One of the biggest mistakes that technology companies make, regardless of whether they are a start-up or not, is not working closely with investors and other stakeholders in the capital markets. Working with the capital markets (whether it be raising money, doing road shows, etc.) is not an event but rather a continuous process. It is quintessential that management views their shareholders as integral to their business – constantly providing them updates, supporting them, and taking full advantage of the resources that can be available.
On that note, what makes for an effective investor relations strategy?
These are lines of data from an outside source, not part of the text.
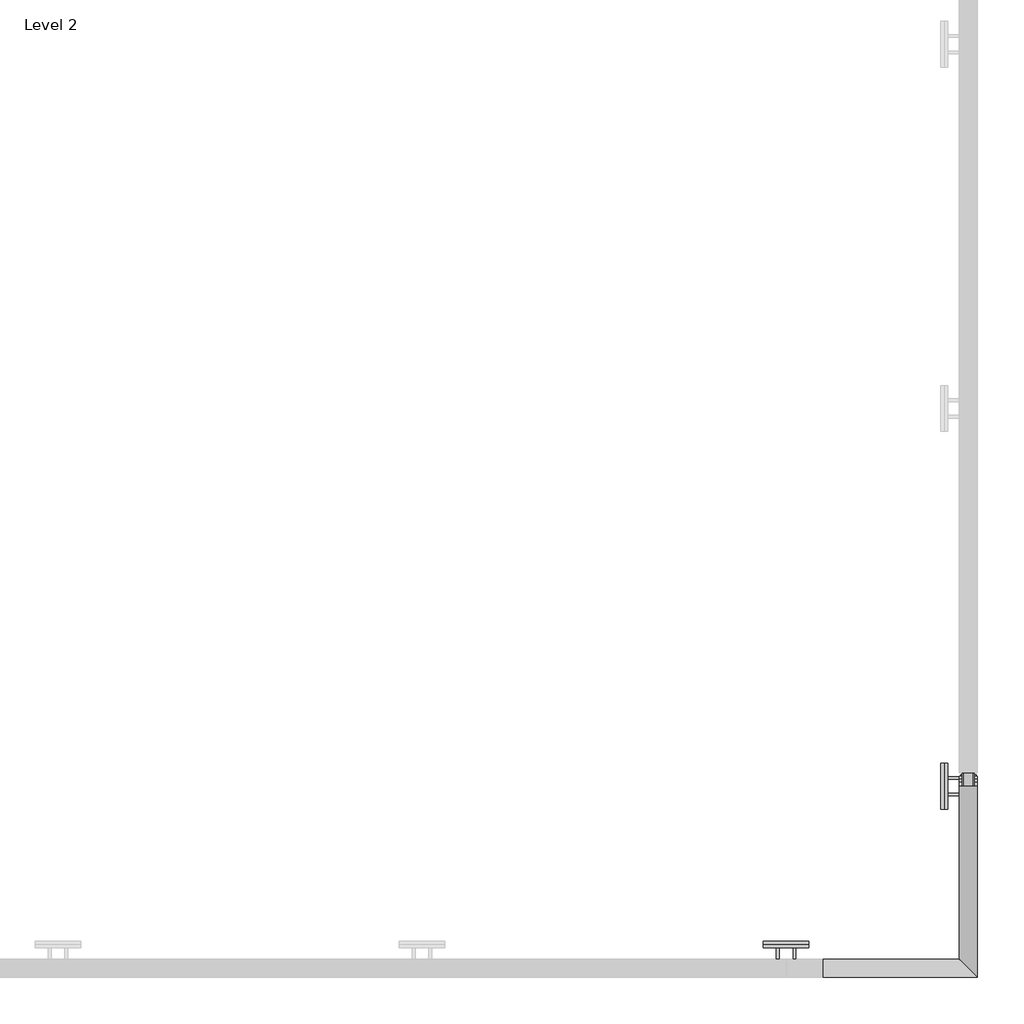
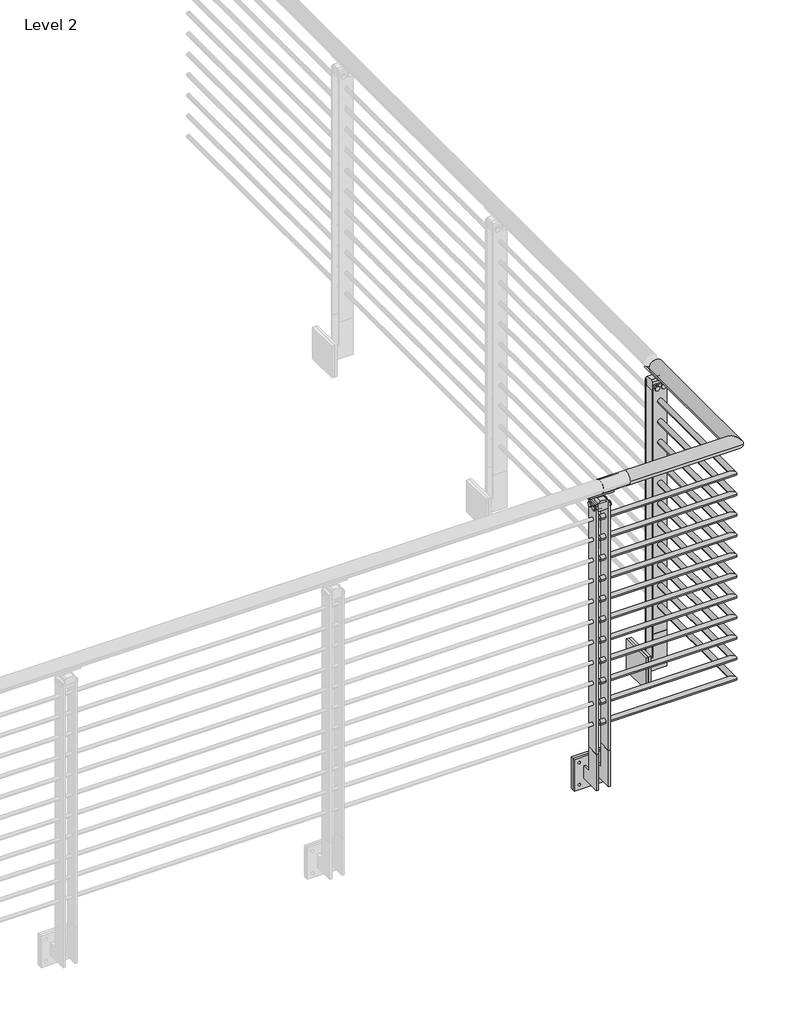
# One storey, part 3 of 31: 1 railing.
"""IFC4 building model written with IfcOpenShell, lengths in millimetres."""

from ifc_helpers import new_model, si_unit, point, frame, frame_2d, origin, place, context, project, spatial, polyline, circle_curve, ellipse_curve, trimmed, segment, composite_curve, outline, extrude, element, save
from ifc_brep_helpers import plane_surface, cylinder_surface, revolved_surface, advanced_brep

model = new_model("IFC4")

# Units and contexts
model_context = context("Model", 3, world=origin())
ifc_project = project(units=[si_unit("LENGTHUNIT", "METRE", prefix="MILLI")], contexts=[model_context])

# Site, building, storey
site = spatial("IfcSite", under=ifc_project)
building = spatial("IfcBuilding", under=site)
storey = spatial("IfcBuildingStorey", under=building, Name="Level 2", Elevation=3048.0)

# Railing
placement = place(None, origin())
element("IfcRailing", 1, ObjectType="VIVA-BLADE-Multiline-Fascia Mount-Corner", at=placement, inside=storey, context=model_context, shape_type="SolidModel", body=[
    advanced_brep(
    [(-4132.0054973, -70126.0426165, 4102.1), (-4132.0054973, -70176.8426165, 4102.1), (-3598.6054973, -70176.8426165, 4102.1), (-3649.4054973, -70126.0426165, 4102.1), (-3649.4054973, -69643.4426165, 4102.1), (-3598.6054973, -69643.4426165, 4102.1)],
    [
        (0, 1, circle_curve(frame((-4132.0054973, -70151.4426165, 4102.1), z_axis=(-1.0, 0.0, 0.0), x_axis=(0.0, -1.0, 0.0)), 25.4)),
        (1, 0, circle_curve(frame((-4132.0054973, -70151.4426165, 4102.1), z_axis=(-1.0, 0.0, 0.0), x_axis=(0.0, -1.0, 0.0)), 25.4)),
        (2, 3, ellipse_curve(frame((-3624.0054973, -70151.4426165, 4102.1), z_axis=(-0.7071067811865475, -0.7071067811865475, 0.0), x_axis=(0.7071067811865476, -0.7071067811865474, 0.0)), 35.9210245, 25.4)),
        (3, 0),
        (1, 2),
        (3, 2, ellipse_curve(frame((-3624.0054973, -70151.4426165, 4102.1), z_axis=(-0.7071067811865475, -0.7071067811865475, 0.0), x_axis=(0.7071067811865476, -0.7071067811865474, 0.0)), 35.9210245, 25.4)),
        (4, 5, circle_curve(frame((-3624.0054973, -69643.4426165, 4102.1), z_axis=(0.0, 1.0, 0.0), x_axis=(1.0, 0.0, 0.0)), 25.4)),
        (5, 4, circle_curve(frame((-3624.0054973, -69643.4426165, 4102.1), z_axis=(0.0, 1.0, 0.0), x_axis=(1.0, 0.0, 0.0)), 25.4)),
        (4, 3),
        (2, 5),
    ],
    [
        plane_surface(frame((-4132.0054973, -70151.4426165, 4127.5), z_axis=(-1.0, 0.0, 0.0), x_axis=(0.0, -1.0, 0.0))),
        cylinder_surface(frame((-3624.0054973, -70151.4426165, 4102.1), z_axis=(1.0, 0.0, 0.0), x_axis=(0.0, -1.0, 0.0)), 25.4),
        plane_surface(frame((-3624.0054973, -69643.4426165, 4127.5), z_axis=(0.0, 1.0, 0.0), x_axis=(0.0, 0.0, -1.0))),
        cylinder_surface(frame((-3624.0054973, -69643.4426165, 4102.1), z_axis=(0.0, 1.0, 0.0), x_axis=(1.0, 0.0, 0.0)), 25.4),
    ],
    [
        (0, [[1, 2]]),
        (1, [[3, 4, -2, 5]]),
        (1, [[6, -5, -1, -4]]),
        (2, [[7, 8]]),
        (3, [[-7, 9, -3, 10]]),
        (3, [[-8, -10, -6, -9]]),
    ],
),
    advanced_brep(
    [(-3633.5304973, -69643.4426165, 3978.275), (-3614.4804973, -69643.4426165, 3978.275), (-3614.4804973, -70160.9676165, 3978.275), (-3633.5304973, -70141.9176165, 3978.275), (-4132.0054973, -70141.9176165, 3978.275), (-4132.0054973, -70160.9676165, 3978.275)],
    [
        (0, 1, circle_curve(frame((-3624.0054973, -69643.4426165, 3978.275), z_axis=(0.0, 1.0, 0.0), x_axis=(1.0, 0.0, 0.0)), 9.525)),
        (1, 0, circle_curve(frame((-3624.0054973, -69643.4426165, 3978.275), z_axis=(0.0, 1.0, 0.0), x_axis=(1.0, 0.0, 0.0)), 9.525)),
        (1, 2),
        (2, 3, ellipse_curve(frame((-3624.0054973, -70151.4426165, 3978.275), z_axis=(0.7071067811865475, 0.7071067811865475, 0.0), x_axis=(-0.7071067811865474, 0.7071067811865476, 0.0)), 13.4703842, 9.525)),
        (3, 0),
        (3, 2, ellipse_curve(frame((-3624.0054973, -70151.4426165, 3978.275), z_axis=(0.7071067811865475, 0.7071067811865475, 0.0), x_axis=(-0.7071067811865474, 0.7071067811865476, 0.0)), 13.4703842, 9.525)),
        (4, 5, circle_curve(frame((-4132.0054973, -70151.4426165, 3978.275), z_axis=(-1.0, 0.0, 0.0), x_axis=(0.0, -1.0, 0.0)), 9.525)),
        (5, 4, circle_curve(frame((-4132.0054973, -70151.4426165, 3978.275), z_axis=(-1.0, 0.0, 0.0), x_axis=(0.0, -1.0, 0.0)), 9.525)),
        (2, 5),
        (4, 3),
    ],
    [
        plane_surface(frame((-3624.0054973, -69643.4426165, 3987.8), z_axis=(0.0, 1.0, 0.0), x_axis=(0.0, 0.0, -1.0))),
        cylinder_surface(frame((-3624.0054973, -69643.4426165, 3978.275), z_axis=(0.0, 1.0, 0.0), x_axis=(1.0, 0.0, 0.0)), 9.525),
        plane_surface(frame((-4132.0054973, -70151.4426165, 3987.8), z_axis=(-1.0, 0.0, 0.0), x_axis=(0.0, -1.0, 0.0))),
        cylinder_surface(frame((-3624.0054973, -70151.4426165, 3978.275), z_axis=(1.0, 0.0, 0.0), x_axis=(0.0, -1.0, 0.0)), 9.525),
    ],
    [
        (0, [[1, 2]]),
        (1, [[-2, 3, 4, 5]]),
        (1, [[-1, -5, 6, -3]]),
        (2, [[7, 8]]),
        (3, [[-4, 9, -7, 10]]),
        (3, [[-6, -10, -8, -9]]),
    ],
),
    advanced_brep(
    [(-3633.5304973, -69643.4426165, 3895.725), (-3614.4804973, -69643.4426165, 3895.725), (-3614.4804973, -70160.9676165, 3895.725), (-3633.5304973, -70141.9176165, 3895.725), (-4132.0054973, -70141.9176165, 3895.725), (-4132.0054973, -70160.9676165, 3895.725)],
    [
        (0, 1, circle_curve(frame((-3624.0054973, -69643.4426165, 3895.725), z_axis=(0.0, 1.0, 0.0), x_axis=(1.0, 0.0, 0.0)), 9.525)),
        (1, 0, circle_curve(frame((-3624.0054973, -69643.4426165, 3895.725), z_axis=(0.0, 1.0, 0.0), x_axis=(1.0, 0.0, 0.0)), 9.525)),
        (1, 2),
        (2, 3, ellipse_curve(frame((-3624.0054973, -70151.4426165, 3895.725), z_axis=(0.7071067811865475, 0.7071067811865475, 0.0), x_axis=(-0.7071067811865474, 0.7071067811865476, 0.0)), 13.4703842, 9.525)),
        (3, 0),
        (3, 2, ellipse_curve(frame((-3624.0054973, -70151.4426165, 3895.725), z_axis=(0.7071067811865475, 0.7071067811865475, 0.0), x_axis=(-0.7071067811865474, 0.7071067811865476, 0.0)), 13.4703842, 9.525)),
        (4, 5, circle_curve(frame((-4132.0054973, -70151.4426165, 3895.725), z_axis=(-1.0, 0.0, 0.0), x_axis=(0.0, -1.0, 0.0)), 9.525)),
        (5, 4, circle_curve(frame((-4132.0054973, -70151.4426165, 3895.725), z_axis=(-1.0, 0.0, 0.0), x_axis=(0.0, -1.0, 0.0)), 9.525)),
        (2, 5),
        (4, 3),
    ],
    [
        plane_surface(frame((-3624.0054973, -69643.4426165, 3905.25), z_axis=(0.0, 1.0, 0.0), x_axis=(0.0, 0.0, -1.0))),
        cylinder_surface(frame((-3624.0054973, -69643.4426165, 3895.725), z_axis=(0.0, 1.0, 0.0), x_axis=(1.0, 0.0, 0.0)), 9.525),
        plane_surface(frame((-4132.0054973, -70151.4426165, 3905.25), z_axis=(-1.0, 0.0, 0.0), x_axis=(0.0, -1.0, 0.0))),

BP: It sounds simple, but the real answer is communication. As a CEO, it is critical that you are constantly engaging all facets of the investment community: from retail to institutional and even service providers. As I said before, investor relations is not an event but rather a process, and as a public company, you are going to need the support of the capital markets, but as a CEO you also have to be willing to support the capital markets and its players. So managing the relationships and expectations becomes fundamental to the company’s success.
What trends/sub sectors would you personally suggest that investors pay attention to in 2017? Why?
BP: I’d say to pay close attention to Cybersecurity and Machine Learning. I expect the former to be absolutely huge in the coming years. It seems like every time you turn on the TV or open Bloomberg there is news about someone getting hacked. And not just small companies either – this is happening to massive organizations and governments.
Machine learning / deep learning and IoT is another area I expect to see a lot of capital flow in the coming years. As we move more towards a connected society, I think the devices we use on a day to day basis are going to become more connected as well. We’ve already seen the start of it and I think we’ve hardly scratched the surface. I expect investors to be really focused on these two areas in the coming years! We’ve already seen machine learning become popular in the advertising space with programmatic. These algorithms are actually learning what works and what doesn’t and it is making advertisers smarter. I strongly believe that machine learning and deep learning is going to impact our lives in many different ways in the future.